I was doing it the wrong way. It was not a probability. It was logits.

I get flip_op the same way as output, just the data is horizontally flipped.

To apply KL on segmentation I tried this:

```
conf_consistency_criterion = torch.nn.KLDivLoss(size_average=False, reduce=False).cuda()
output = model(data, label) # 16, 1, 8, 224, 224
flip_op = model(flipped_data, label) # 16, 1, 8, 224, 224
output = torch.flip(output, [4])
output = torch.mean(output, 2) # 16, 1, 224, 224
flip_op = torch.mean(flip_op, 2) # 16, 1, 224, 224
output = torch.squeeze(output, 1) # 16, 224, 224
flip_op = torch.squeeze(flip_op, 1) # 16, 224, 224
# CONS_LOSS
output += 1e-7
flip_op += 1e-7
cons_loss_a = conf_consistency_criterion(F.logsigmoid(output), F.sigmoid(flip_op)).sum(-1).mean()
```

I’m getting a negative output. So, this is wrong somewhere.
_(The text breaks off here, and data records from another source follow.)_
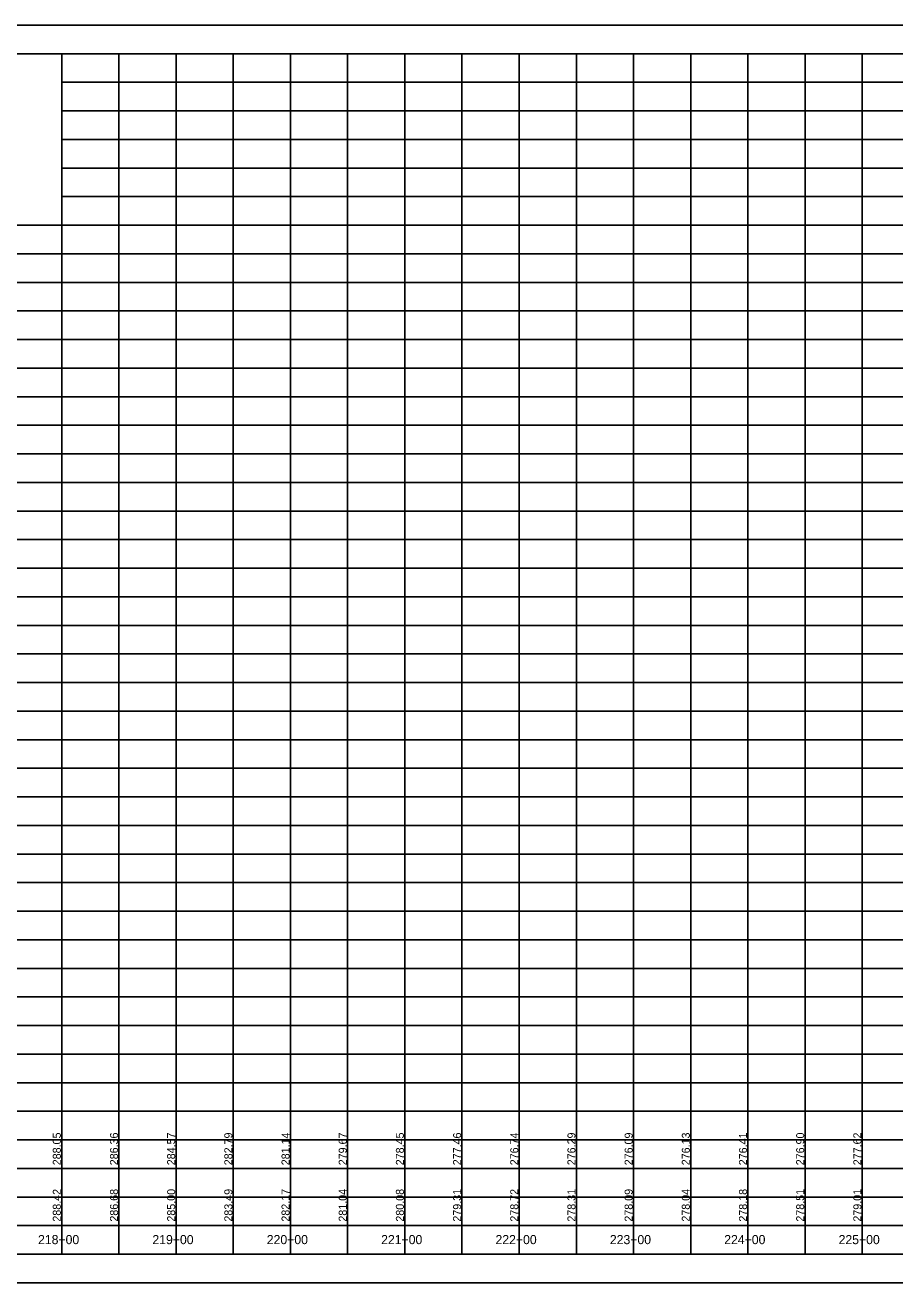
# Model space of a CAD drawing. Extents: x 1873632 to 1926512, y 813126 to 836257.
# Drawn here: x 1900131 to 1900891, y 831005 to 832105 of the extents above; entities that cross this region are included whole.
import ezdxf

# ---------------------------------------------------------------- set-up
doc = ezdxf.new("R2010")
doc.units = 0
for name, color, linetype in [('RD_DDB_StaTX', 7, 'Continuous'), ('RD_DDB_StripGrade', 7, 'Continuous'), ('RD_PD_WallFill', 7, 'Continuous'), ('RD_SHT_IplotShp', 7, 'Continuous')]:
    doc.layers.add(name, color=color, linetype=linetype)

msp = doc.modelspace()

# ---------------------------------------------------------------- linework, layer by layer
at = {"layer": 'RD_PD_WallFill'}
for p, q in [((1899712.9, 832079.6), (1905062.9, 832079.6)), ((1899712.9, 832079.6), (1901462.9, 832079.6)), ((1900162.9, 831029.6), (1900162.9, 832079.6)), ((1900162.9, 831029.6), (1900162.9, 832079.6)), ((1900212.9, 831029.6), (1900212.9, 832079.6)), ((1900212.9, 831029.6), (1900212.9, 832079.6)), ((1900262.9, 831029.6), (1900262.9, 832079.6)), ((1900262.9, 831029.6), (1900262.9, 832079.6)), ((1900312.9, 831029.6), (1900312.9, 832079.6)), ((1900312.9, 831029.6), (1900312.9, 832079.6)), ((1900362.9, 831029.6), (1900362.9, 832079.6)), ((1900362.9, 831029.6), (1900362.9, 832079.6)), ((1900412.9, 831029.6), (1900412.9, 832079.6)), ((1900412.9, 831029.6), (1900412.9, 832079.6)), ((1900462.9, 831029.6), (1900462.9, 832079.6)), ((1900462.9, 831029.6), (1900462.9, 832079.6)), ((1900512.9, 831029.6), (1900512.9, 832079.6)), ((1900512.9, 831029.6), (1900512.9, 832079.6)), ((1900562.9, 831029.6), (1900562.9, 832079.6)), ((1900562.9, 831029.6), (1900562.9, 832079.6)), ((1900612.9, 831029.6), (1900612.9, 832079.6)), ((1900612.9, 831029.6), (1900612.9, 832079.6)), ((1900662.9, 831029.6), (1900662.9, 832079.6)), ((1900662.9, 831029.6), (1900662.9, 832079.6)), ((1900712.9, 831029.6), (1900712.9, 832079.6)), ((1900712.9, 831029.6), (1900712.9, 832079.6)), ((1900762.9, 831029.6), (1900762.9, 832079.6)), ((1900762.9, 831029.6), (1900762.9, 832079.6)), ((1900812.9, 831029.6), (1900812.9, 832079.6)), ((1900812.9, 831029.6), (1900812.9, 832079.6)), ((1900862.9, 831029.6), (1900862.9, 832079.6)), ((1900862.9, 831029.6), (1900862.9, 832079.6)), ((1900162.9, 832054.6), (1905062.9, 832054.6)), ((1900162.9, 832054.6), (1905062.9, 832054.6)), ((1900162.9, 832029.6), (1905062.9, 832029.6)), ((1900162.9, 832004.6), (1905062.9, 832004.6)), ((1900162.9, 831979.6), (1905062.9, 831979.6)), ((1900162.9, 831954.6), (1905062.9, 831954.6)), ((1899712.9, 831929.6), (1905062.9, 831929.6)), ((1899712.9, 831904.6), (1905062.9, 831904.6)), ((1899712.9, 831879.6), (1905062.9, 831879.6)), ((1899712.9, 831854.6), (1905062.9, 831854.6)), ((1899712.9, 831829.6), (1905062.9, 831829.6)), ((1899712.9, 831804.6), (1905062.9, 831804.6)), ((1899712.9, 831779.6), (1905062.9, 831779.6)), ((1899712.9, 831754.6), (1905062.9, 831754.6)), ((1899712.9, 831729.6), (1905062.9, 831729.6)), ((1899712.9, 831704.6), (1905062.9, 831704.6)), ((1899712.9, 831679.6), (1905062.9, 831679.6)), ((1899712.9, 831654.6), (1905062.9, 831654.6)), ((1899712.9, 831629.6), (1905062.9, 831629.6)), ((1899712.9, 831604.6), (1905062.9, 831604.6)), ((1899712.9, 831579.6), (1905062.9, 831579.6)), ((1899712.9, 831554.6), (1905062.9, 831554.6)), ((1899712.9, 831529.6), (1905062.9, 831529.6)), ((1899712.9, 831504.6), (1905062.9, 831504.6)), ((1899712.9, 831479.6), (1905062.9, 831479.6)), ((1899712.9, 831454.6), (1905062.9, 831454.6)), ((1899712.9, 831429.6), (1905062.9, 831429.6)), ((1899712.9, 831404.6), (1905062.9, 831404.6)), ((1899712.9, 831379.6), (1905062.9, 831379.6)), ((1899712.9, 831354.6), (1905062.9, 831354.6)), ((1899712.9, 831329.6), (1905062.9, 831329.6)), ((1899712.9, 831304.6), (1905062.9, 831304.6)), ((1899712.9, 831279.6), (1905062.9, 831279.6)), ((1899712.9, 831254.6), (1905062.9, 831254.6)), ((1899712.9, 831229.6), (1905062.9, 831229.6)), ((1899712.9, 831204.6), (1905062.9, 831204.6)), ((1899712.9, 831179.6), (1905062.9, 831179.6)), ((1899712.9, 831154.6), (1905062.9, 831154.6)), ((1899712.9, 831129.6), (1905062.9, 831129.6)), ((1899712.9, 831104.6), (1905062.9, 831104.6)), ((1899712.9, 831079.6), (1905062.9, 831079.6)), ((1899712.9, 831054.6), (1905062.9, 831054.6)), ((1899712.9, 831029.6), (1905062.9, 831029.6)), ((1899712.9, 831029.6), (1905062.9, 831029.6))]:
    msp.add_line(p, q, dxfattribs=at)
msp.add_lwpolyline([(1899762.9, 832079.6), (1900162.9, 832079.6), (1900162.9, 831929.6), (1899762.9, 831929.6)], close=True, dxfattribs=at)
msp.add_lwpolyline([(1899762.9, 832079.6), (1900162.9, 832079.6), (1900162.9, 831929.6), (1899762.9, 831929.6)], close=True, dxfattribs=at)
msp.add_lwpolyline([(1899762.9, 832079.6), (1900162.9, 832079.6), (1900162.9, 831929.6), (1899762.9, 831929.6)], close=True, dxfattribs=at)
msp.add_lwpolyline([(1899762.9, 832079.6), (1900162.9, 832079.6), (1900162.9, 831929.6), (1899762.9, 831929.6)], close=True, dxfattribs=at)
at = {"layer": 'RD_SHT_IplotShp'}
msp.add_lwpolyline([(1899687.9, 831004.6), (1905087.9, 831004.6), (1905087.9, 832104.6), (1899687.9, 832104.6)], close=True, dxfattribs=at)

# ---------------------------------------------------------------- texts
at = {"layer": 'RD_DDB_StaTX'}
for s, p in [('218+00', (1900142.2, 831038.4)), ('219+00', (1900242.2, 831038.4)), ('220+00', (1900342.2, 831038.4)), ('221+00', (1900442.2, 831038.4)), ('222+00', (1900542.2, 831038.4)), ('223+00', (1900642.2, 831038.4)), ('224+00', (1900742.2, 831038.4)), ('225+00', (1900842.2, 831038.4))]:
    msp.add_text(s, height=8, dxfattribs=at).set_placement(p)
at = {"layer": 'RD_DDB_StripGrade'}
for s, p in [('288.05', (1900162.1, 831107.4)), ('286.36', (1900212.1, 831107.4)), ('284.57', (1900262.1, 831107.4)), ('282.79', (1900312.1, 831107.4)), ('281.14', (1900362.1, 831107.4)), ('279.67', (1900412.1, 831107.4)), ('278.45', (1900462.1, 831107.4)), ('277.46', (1900512.1, 831107.4)), ('276.74', (1900562.1, 831107.4)), ('276.29', (1900612.1, 831107.4)), ('276.09', (1900662.1, 831107.4)), ('276.13', (1900712.1, 831107.4)), ('276.41', (1900762.1, 831107.4)), ('276.90', (1900812.1, 831107.4)), ('277.62', (1900862.1, 831107.4)), ('288.42', (1900162.1, 831058.1)), ('286.68', (1900212.1, 831058.1)), ('285.00', (1900262.1, 831058.1)), ('283.49', (1900312.1, 831058.1)), ('282.17', (1900362.1, 831058.1)), ('281.04', (1900412.1, 831058.1)), ('280.08', (1900462.1, 831058.1)), ('279.31', (1900512.1, 831058.1)), ('278.72', (1900562.1, 831058.1)), ('278.31', (1900612.1, 831058.1)), ('278.09', (1900662.1, 831058.1)), ('278.04', (1900712.1, 831058.1)), ('278.18', (1900762.1, 831058.1)), ('278.51', (1900812.1, 831058.1)), ('279.01', (1900862.1, 831058.1))]:
    msp.add_text(s, height=7, rotation=90, dxfattribs=at).set_placement(p)

doc.saveas('drawing.dxf')

KL is a measure of how close two probability distributions.

I also tried this:

```
conf_consistency_criterion = torch.nn.KLDivLoss(size_average=False, reduce=False).cuda()
output = model(data, label) # 16, 1, 8, 224, 224
flip_op = model(flipped_data, label) # 16, 1, 8, 224, 224
output = torch.flip(output, [4])
# CONS_LOSS
output += 1e-7
flip_op += 1e-7
cons_loss_a = conf_consistency_criterion(F.logsigmoid(output), F.sigmoid(flip_op)).sum(-1).mean()
```

This gives me positive value. However, the value suddenly drops from 20 to 0.006 in the second epoch. I don’t get what’s the right approach to do so?